2020年5月29日
清晨的露珠挂在草尖上,阳光一点点晕染开来,照得整个村子亮堂堂的。我醒来时,院子里已经传来叮叮咚咚的声音,父亲正在修理农具,母亲则在洗菜。阿强还在炕上打着呼噜,鼾声均匀,仿佛昨晚的笑闹丝毫没有消耗他的精力。
我走到院子里,伸了个懒腰,深深吸了一口气。空气里夹杂着泥土和青草的气息,那是久违的纯净味道。我帮父亲递来木槌和铁丝,他正低头给铁锹绑木柄,额头沁出汗珠,神情专注。
“这些东西要用得久,就得常修常理。”父亲抬眼看了我一眼,“别嫌麻烦,庄稼人离不开它们。”
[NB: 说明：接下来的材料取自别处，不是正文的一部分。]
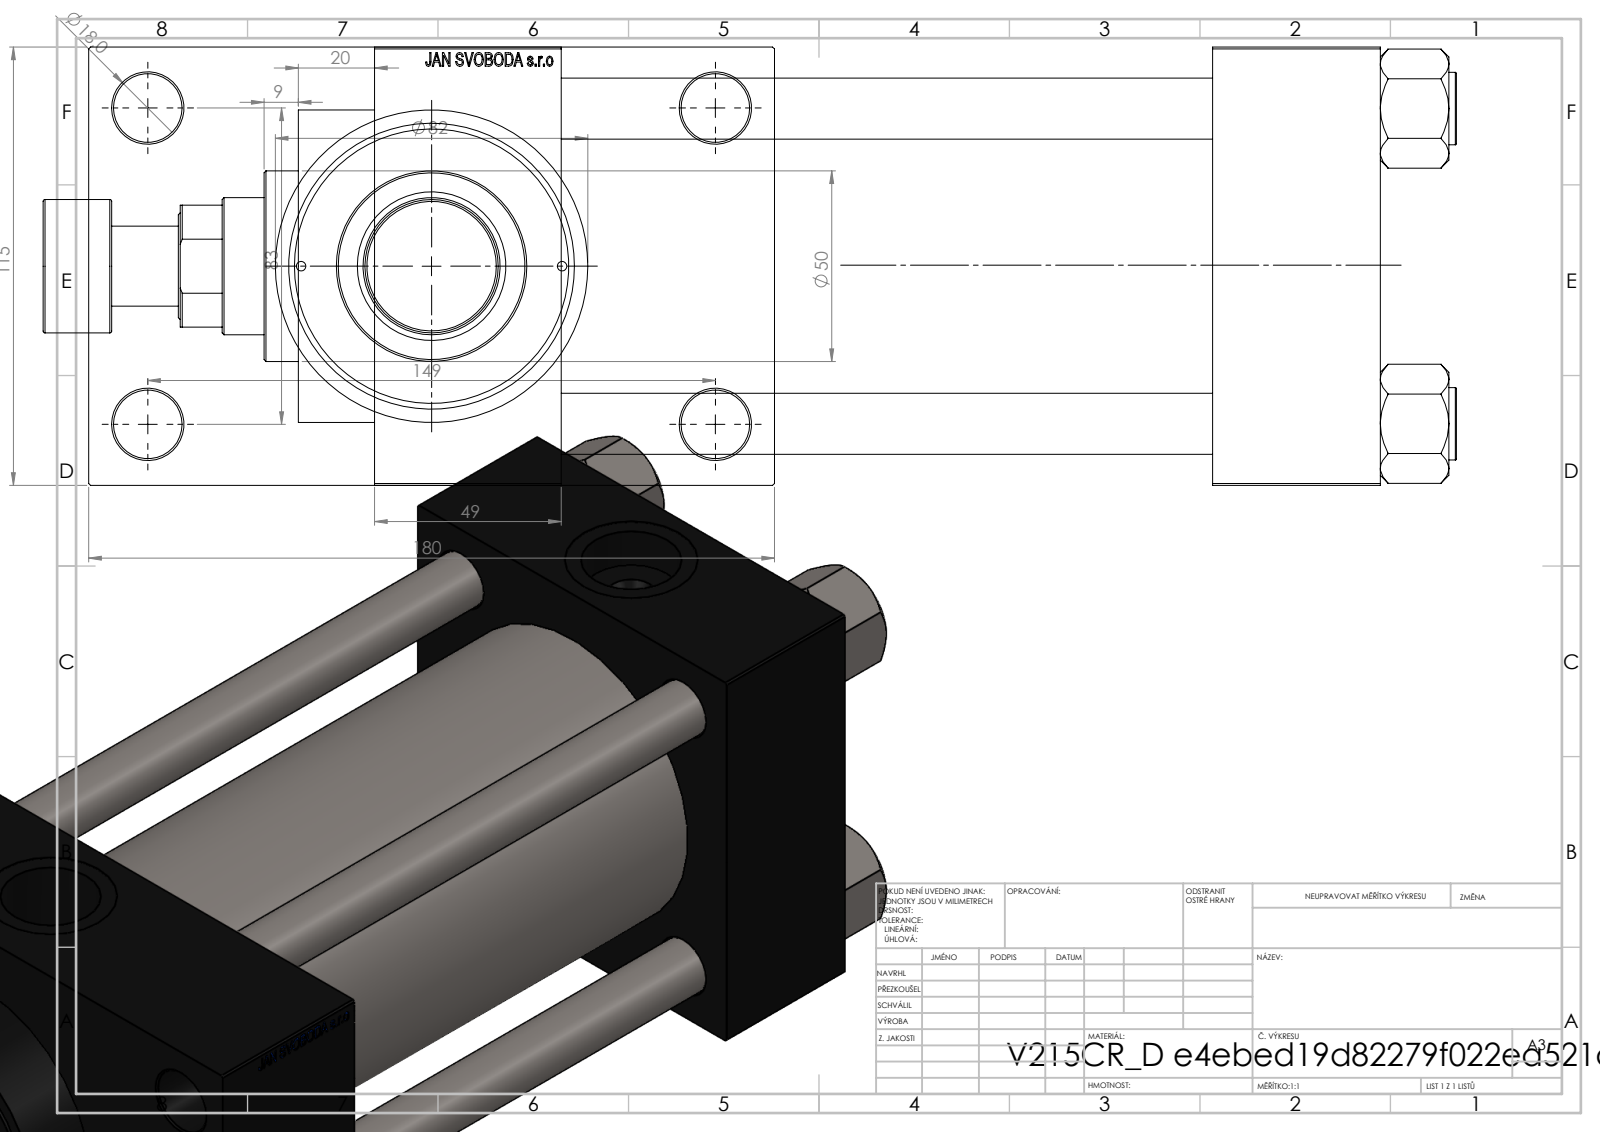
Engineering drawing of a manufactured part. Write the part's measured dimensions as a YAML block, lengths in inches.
part_name: "V215CR_D_TYCINKA; V215_VC_A; V215CR_VCP_D; NUT_M5_D (+2 more)"
step_written_by: "SolidWorks 2019 (CONFIG_CONTROL_DESIGN)"
units: inches
bodies: {solids: 12, faces: 1174, planar: 551, cylindrical: 97, other: 526}
overall_size: [14.606, 7.087, 4.528]
volume: 140
surface_area: 600
round_holes:
  - {diameter: 0.63, count: 4}
  - {diameter: 0.709, count: 4}
  - {diameter: 0.098, count: 2}
  - {diameter: 0.276, count: 2}
  - {diameter: 1.041, count: 2}
  - {diameter: 1.378, count: 2}
  - {diameter: 1.004, count: 1}
  - {diameter: 1.417, count: 1}
  - {diameter: 1.535, count: 1}
  - {diameter: 2.402, count: 1}
  - {diameter: 2.835, count: 1}
  - {diameter: 3.15, count: 1}
round_bosses_or_shafts:
  - {diameter: 0.748, count: 4}
  - {diameter: 3.386, count: 1}
  - {diameter: 3.228, count: 1}
  - {diameter: 1.969, count: 1}
  - {diameter: 1.378, count: 1}
  - {diameter: 0.827, count: 1}
face_to_face_distances: [4.528, 6.732, 1.929, 8.661, 1.732, 8.465, 10.394, 1.28, 5.807, 7.087]
hole_center_spacings: [1.305, 1.652, 2.276, 2.302, 3.256, 3.357, 3.393, 3.513]
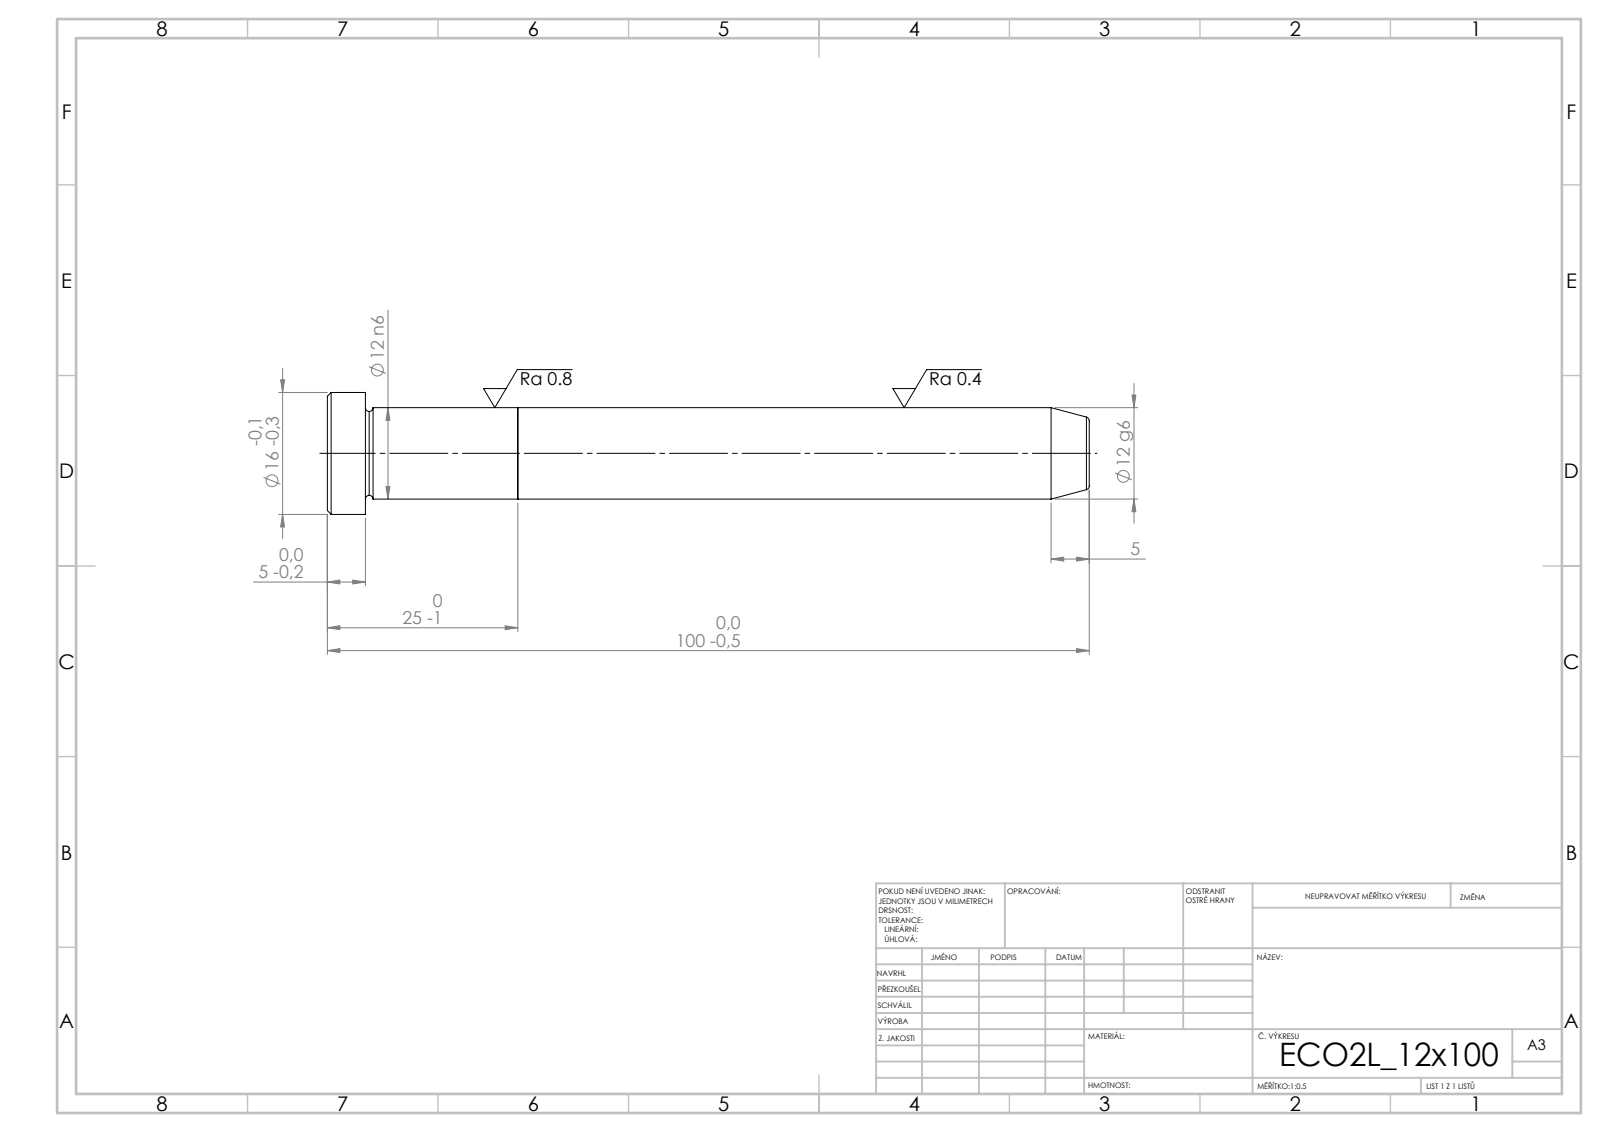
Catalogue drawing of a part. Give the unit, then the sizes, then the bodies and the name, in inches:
Units: inches
Overall size (bounding box): 3.937 × 0.63 × 0.63
Round bosses / shafts (diameter × count): ⌀0.63 ×1, ⌀0.472 ×1
Main face-to-face distances: 0.984, 0.787, 0.197, 2.953, 3.74, 3.937
Volume: 0.709 in³ · Surface area: 6.822 in²
Bodies: 2 solids, 21 faces (5 planar, 6 cylindrical, 10 other)
STEP written by: SolidWorks 2019 (CONFIG_CONTROL_DESIGN)

我点点头,心里记下这句话。父亲的性子一向沉稳,不爱多言,但每一句话总能让我思量良久。
吃过早饭后,村里来了一阵敲门声。开门一看,是表舅二女儿兰兰,她比我小几岁,早些年嫁到隔壁村。她笑着说:“听说你们昨天清沟渠累得够呛,今天没事吧?我娘让我来看看。”
母亲一边笑着迎她进屋,一边说:“没事没事,庄稼活哪有不累的,大家伙儿合力就不觉得苦。”
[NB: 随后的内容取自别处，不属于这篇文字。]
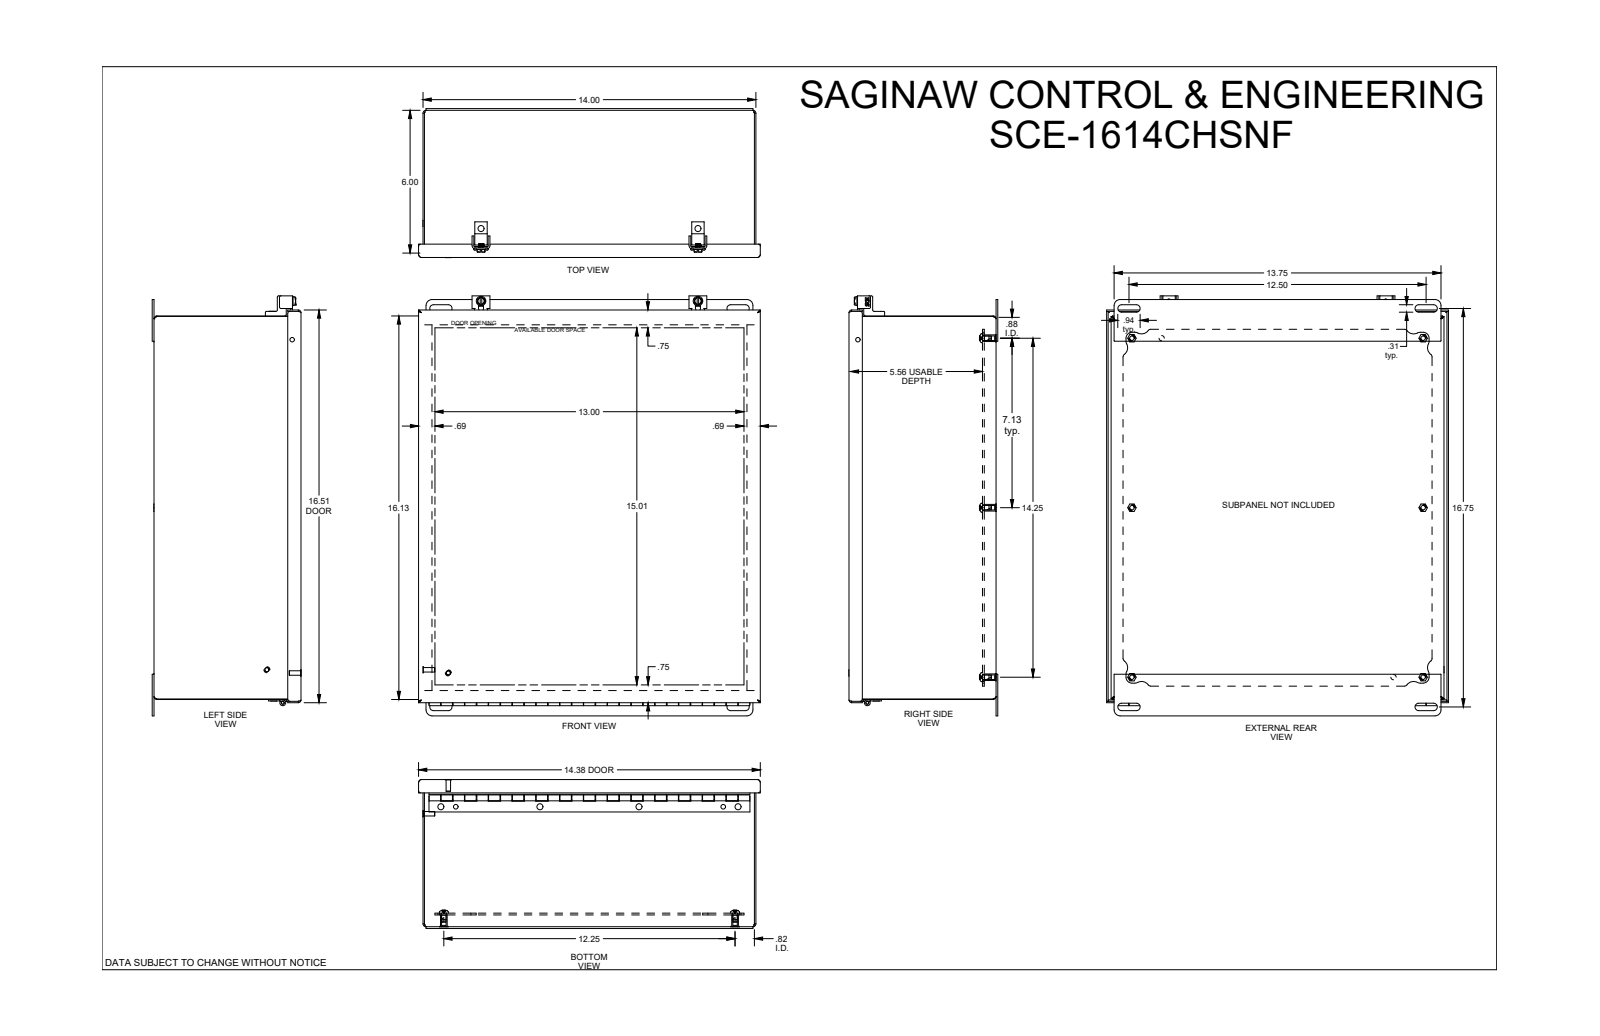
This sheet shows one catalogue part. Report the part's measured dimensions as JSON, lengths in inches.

兰兰坐下来,眼睛弯弯的,语气轻快:“这几天正好闲些,我想过来帮婶子干点活。”
母亲连忙摆手:“你自个儿家里事也多,哪用你跑来。”
兰兰却不依:“婶子,帮点忙算什么?再说我也想着和哥哥聊聊。”她说着看向我,眼神里带着几分熟络的亲切。
我笑了笑,心里一阵温暖。小时候我们常在一块儿玩捉迷藏、跳皮筋,如今她已是人妻,却依旧像个邻家小妹。
午后,村里人聚在祠堂前,说要商量端午节前的活动。老队长拄着拐杖,精神头十足:“今年虽然不比往年,但该有的热闹不能少。到时候包粽子,挂艾草,还要在河边划竹排,年轻人能聚一聚,也算热闹。”
大家纷纷点头,气氛很快热烈起来。
我和父亲也坐在一旁听着。阿强挤在人群里,大声嚷嚷:“要是划竹排,我第一个报名!”
有人笑他:“你那身子骨,怕是还没下水就先喊累。”
阿强不服:“我可是城里练过的,游泳证书都有!”
众人哈哈大笑,笑声中透着久违的轻松。
散会后,几个年轻人拉我去村头的榆树下闲聊。他们有的已成家立业,有的还在外打工,此刻聚在一起,话题自然离不开家乡与外头的世界。
“城里挣钱是多,可日子紧巴巴,一点也不自由。”一个同龄的伙伴叹气,“还是在家舒坦,种田虽苦,可心里安稳。”